I. Arbitrer n’est pas décider

Certains mots semblent décrire une réalité. Ils en organisent une autre.

Arbitrer est devenu, dans le vocabulaire courant de la gouvernance d’entreprise, le synonyme noble de décider. On dit d’un dirigeant qu’il arbitre — comme si le mot rendait la décision plus mesurée, plus équilibrée, plus professionnelle. Il suggère la sagesse du préteur entre des parties, la pondération de celui qui pèse avant de trancher. C’est un mot flatteur. C’est aussi un mot qui déplace.

Arbitrer suppose des options préparées par d’autres. Il suppose un conflit préexistant entre positions déjà formées, des ressources à répartir entre demandeurs, un scénario soumis à validation. Celui qui arbitre reçoit un dossier constitué. Il choisit parmi ce qu’on lui présente. Son rôle commence là où le travail des autres s’arrête.

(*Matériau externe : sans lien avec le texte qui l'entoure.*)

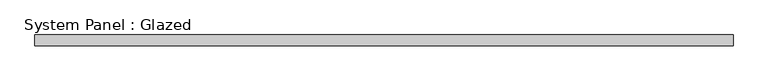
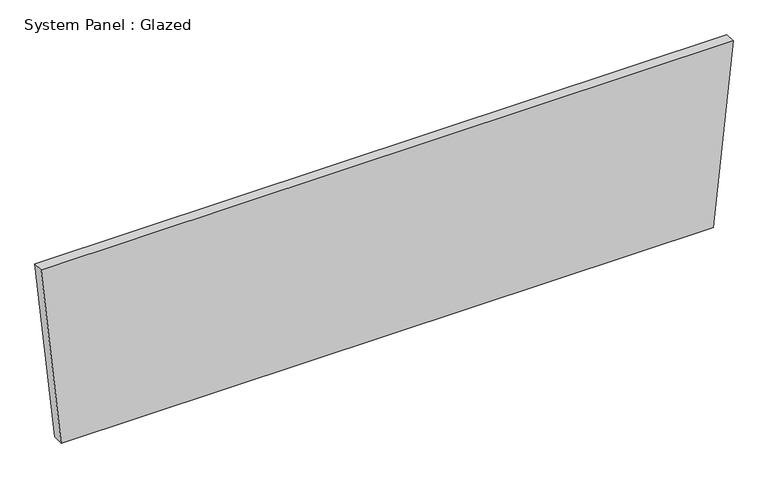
"""IFC4 building model written with IfcOpenShell, lengths in millimetres: plate geometry, System Panel : Glazed."""

from ifc_helpers import new_model, si_unit, frame, origin, place, context, project, spatial, polyline, outline, extrude, source, transform, mapped, element, save


def system_panel_glazed_44ceaade(model_context):
    return source(origin(), model_context, "Body", "SweptSolid", [
        extrude(outline(polyline([(0.0, -781.1125719), (0.0, 781.1125719), (455.8848707, 829.0464249), (455.8848707, -829.0464249), (0.0, -781.1125719)])), frame((0.0, -44.45, 0.0), z_axis=(0.0, 1.0, 0.0), x_axis=(0.0, 0.0, 1.0)), (0.0, 0.0, 1.0), 25.4),
    ])


if __name__ == "__main__":
    model = new_model("IFC4")
    model_context = context("Model", 3, world=origin())
    ifc_project = project(units=[si_unit("LENGTHUNIT", "METRE", prefix="MILLI")], contexts=[model_context])
    site = spatial("IfcSite", under=ifc_project)
    building = spatial("IfcBuilding", under=site)
    placement = place(None, origin())
    system_panel_glazed_shape = system_panel_glazed_44ceaade(model_context)
    element("IfcPlate", 1, ObjectType="System Panel : Glazed", at=placement, inside=building, context=model_context, shape_type="MappedRepresentation", body=[
        mapped(system_panel_glazed_shape, transform((0.0, 0.0, 0.0), x_axis=(1.0, 0.0, 0.0), y_axis=(0.0, 1.0, 0.0), z_axis=(0.0, 0.0, 1.0))),
    ])
    save(model, "model.ifc")
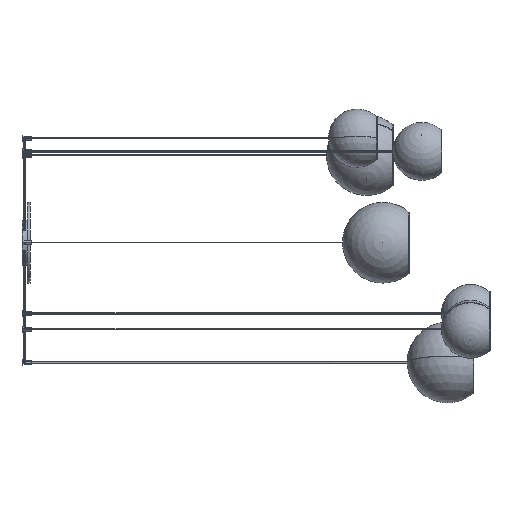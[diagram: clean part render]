
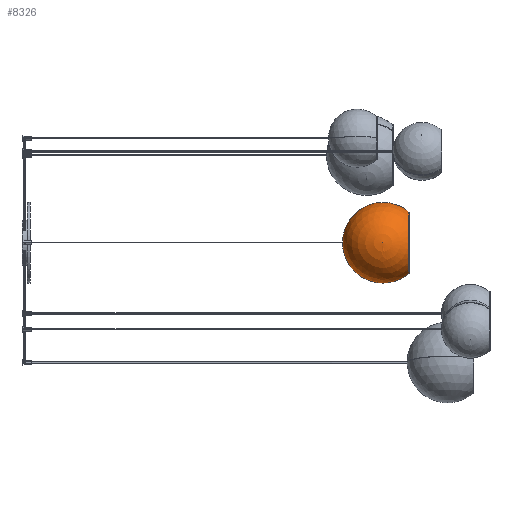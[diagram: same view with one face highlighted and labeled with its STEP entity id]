
A CAD part, left-side view. The second image highlights one B-rep face of the part: STEP entity #8326.
In plain terms, the highlighted spherical face has radius 125 mm.
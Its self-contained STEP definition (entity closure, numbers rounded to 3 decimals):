
#65 = DIRECTION ( 'NONE',  ( 0., 0., 1. ) ) ;
#83 = DIRECTION ( 'NONE',  ( 0., 0., -1. ) ) ;
#217 = AXIS2_PLACEMENT_3D ( 'NONE', #1978, #65, #3999 ) ;
#292 = CARTESIAN_POINT ( 'NONE',  ( 95.205, 0., 0. ) ) ;
#424 = CARTESIAN_POINT ( 'NONE',  ( 2., 205.984, 0. ) ) ;
#596 = CARTESIAN_POINT ( 'NONE',  ( 0., 205.984, 0. ) ) ;
#676 = CARTESIAN_POINT ( 'NONE',  ( 0., 205.984, 0. ) ) ;
#785 = ORIENTED_EDGE ( 'NONE', *, *, #7000, .F. ) ;
#1189 = CARTESIAN_POINT ( 'NONE',  ( -95.205, 0., 0. ) ) ;
#1542 = ORIENTED_EDGE ( 'NONE', *, *, #5948, .F. ) ;
#1561 = CARTESIAN_POINT ( 'NONE',  ( 0., 0., 0. ) ) ;
#1617 = DIRECTION ( 'NONE',  ( 0., 0., -1. ) ) ;
#1665 = DIRECTION ( 'NONE',  ( 1., 0., 0. ) ) ;
#1821 = VERTEX_POINT ( 'NONE', #424 ) ;
#1870 = DIRECTION ( 'NONE',  ( 0., -1., 0. ) ) ;
#1936 = CARTESIAN_POINT ( 'NONE',  ( 0., 81., 0. ) ) ;
#1978 = CARTESIAN_POINT ( 'NONE',  ( 0., 81., 0. ) ) ;
#1982 = DIRECTION ( 'NONE',  ( 0., -1., 0. ) ) ;
#2079 = EDGE_LOOP ( 'NONE', ( #1542, #3664, #3043, #2142, #785 ) ) ;
#2142 = ORIENTED_EDGE ( 'NONE', *, *, #2187, .T. ) ;
#2187 = EDGE_CURVE ( 'NONE', #1821, #7034, #2934, .T. ) ;
#2474 = DIRECTION ( 'NONE',  ( 0., 0., -1. ) ) ;
#2530 = AXIS2_PLACEMENT_3D ( 'NONE', #5937, #2474, #8520 ) ;
#2626 = FACE_OUTER_BOUND ( 'NONE', #2079, .T. ) ;
#2759 = SPHERICAL_SURFACE ( 'NONE', #217, 125. ) ;
#2934 = CIRCLE ( 'NONE', #2530, 125. ) ;
#3043 = ORIENTED_EDGE ( 'NONE', *, *, #4708, .T. ) ;
#3399 = CIRCLE ( 'NONE', #8221, 125. ) ;
#3407 = VERTEX_POINT ( 'NONE', #1189 ) ;
#3615 = VERTEX_POINT ( 'NONE', #5505 ) ;
#3664 = ORIENTED_EDGE ( 'NONE', *, *, #5558, .T. ) ;
#3924 = VERTEX_POINT ( 'NONE', #7856 ) ;
#3999 = DIRECTION ( 'NONE',  ( 1., 0., 0. ) ) ;
#4079 = CIRCLE ( 'NONE', #6976, 2. ) ;
#4109 = DIRECTION ( 'NONE',  ( 0., -1., 0. ) ) ;
#4708 = EDGE_CURVE ( 'NONE', #3924, #1821, #6404, .T. ) ;
#5505 = CARTESIAN_POINT ( 'NONE',  ( -2., 205.984, 0. ) ) ;
#5558 = EDGE_CURVE ( 'NONE', #3615, #3924, #4079, .T. ) ;
#5598 = AXIS2_PLACEMENT_3D ( 'NONE', #676, #1982, #5866 ) ;
#5866 = DIRECTION ( 'NONE',  ( 0., 0., -1. ) ) ;
#5937 = CARTESIAN_POINT ( 'NONE',  ( 0., 81., 0. ) ) ;
#5948 = EDGE_CURVE ( 'NONE', #3615, #3407, #3399, .T. ) ;
#6404 = CIRCLE ( 'NONE', #5598, 2. ) ;
#6435 = AXIS2_PLACEMENT_3D ( 'NONE', #1561, #4109, #1617 ) ;
#6976 = AXIS2_PLACEMENT_3D ( 'NONE', #596, #1870, #83 ) ;
#7000 = EDGE_CURVE ( 'NONE', #3407, #7034, #7813, .T. ) ;
#7034 = VERTEX_POINT ( 'NONE', #292 ) ;
#7813 = CIRCLE ( 'NONE', #6435, 95.205 ) ;
#7856 = CARTESIAN_POINT ( 'NONE',  ( 0., 205.984, -2. ) ) ;
#8221 = AXIS2_PLACEMENT_3D ( 'NONE', #1936, #8251, #1665 ) ;
#8251 = DIRECTION ( 'NONE',  ( 0., 0., 1. ) ) ;
#8326 = ADVANCED_FACE ( 'NONE', ( #2626 ), #2759, .T. ) ;
#8520 = DIRECTION ( 'NONE',  ( -1., 0., 0. ) ) ;

Décider n’a pas ces prérequis. On décide sans qu’il y ait nécessairement des options sur la table. On décide qu’on lance, qu’on ferme, qu’on recrute, qu’on entre sur un marché, qu’on bifurque — sans que personne n’ait préparé le dossier correspondant. La décision peut naître d’une conviction, d’un signal faible, d’une lecture du terrain que personne d’autre n’a encore formalisée. Elle peut précéder les options. Elle peut les ignorer. Elle porte une initiative : elle ne sélectionne pas parmi des variantes.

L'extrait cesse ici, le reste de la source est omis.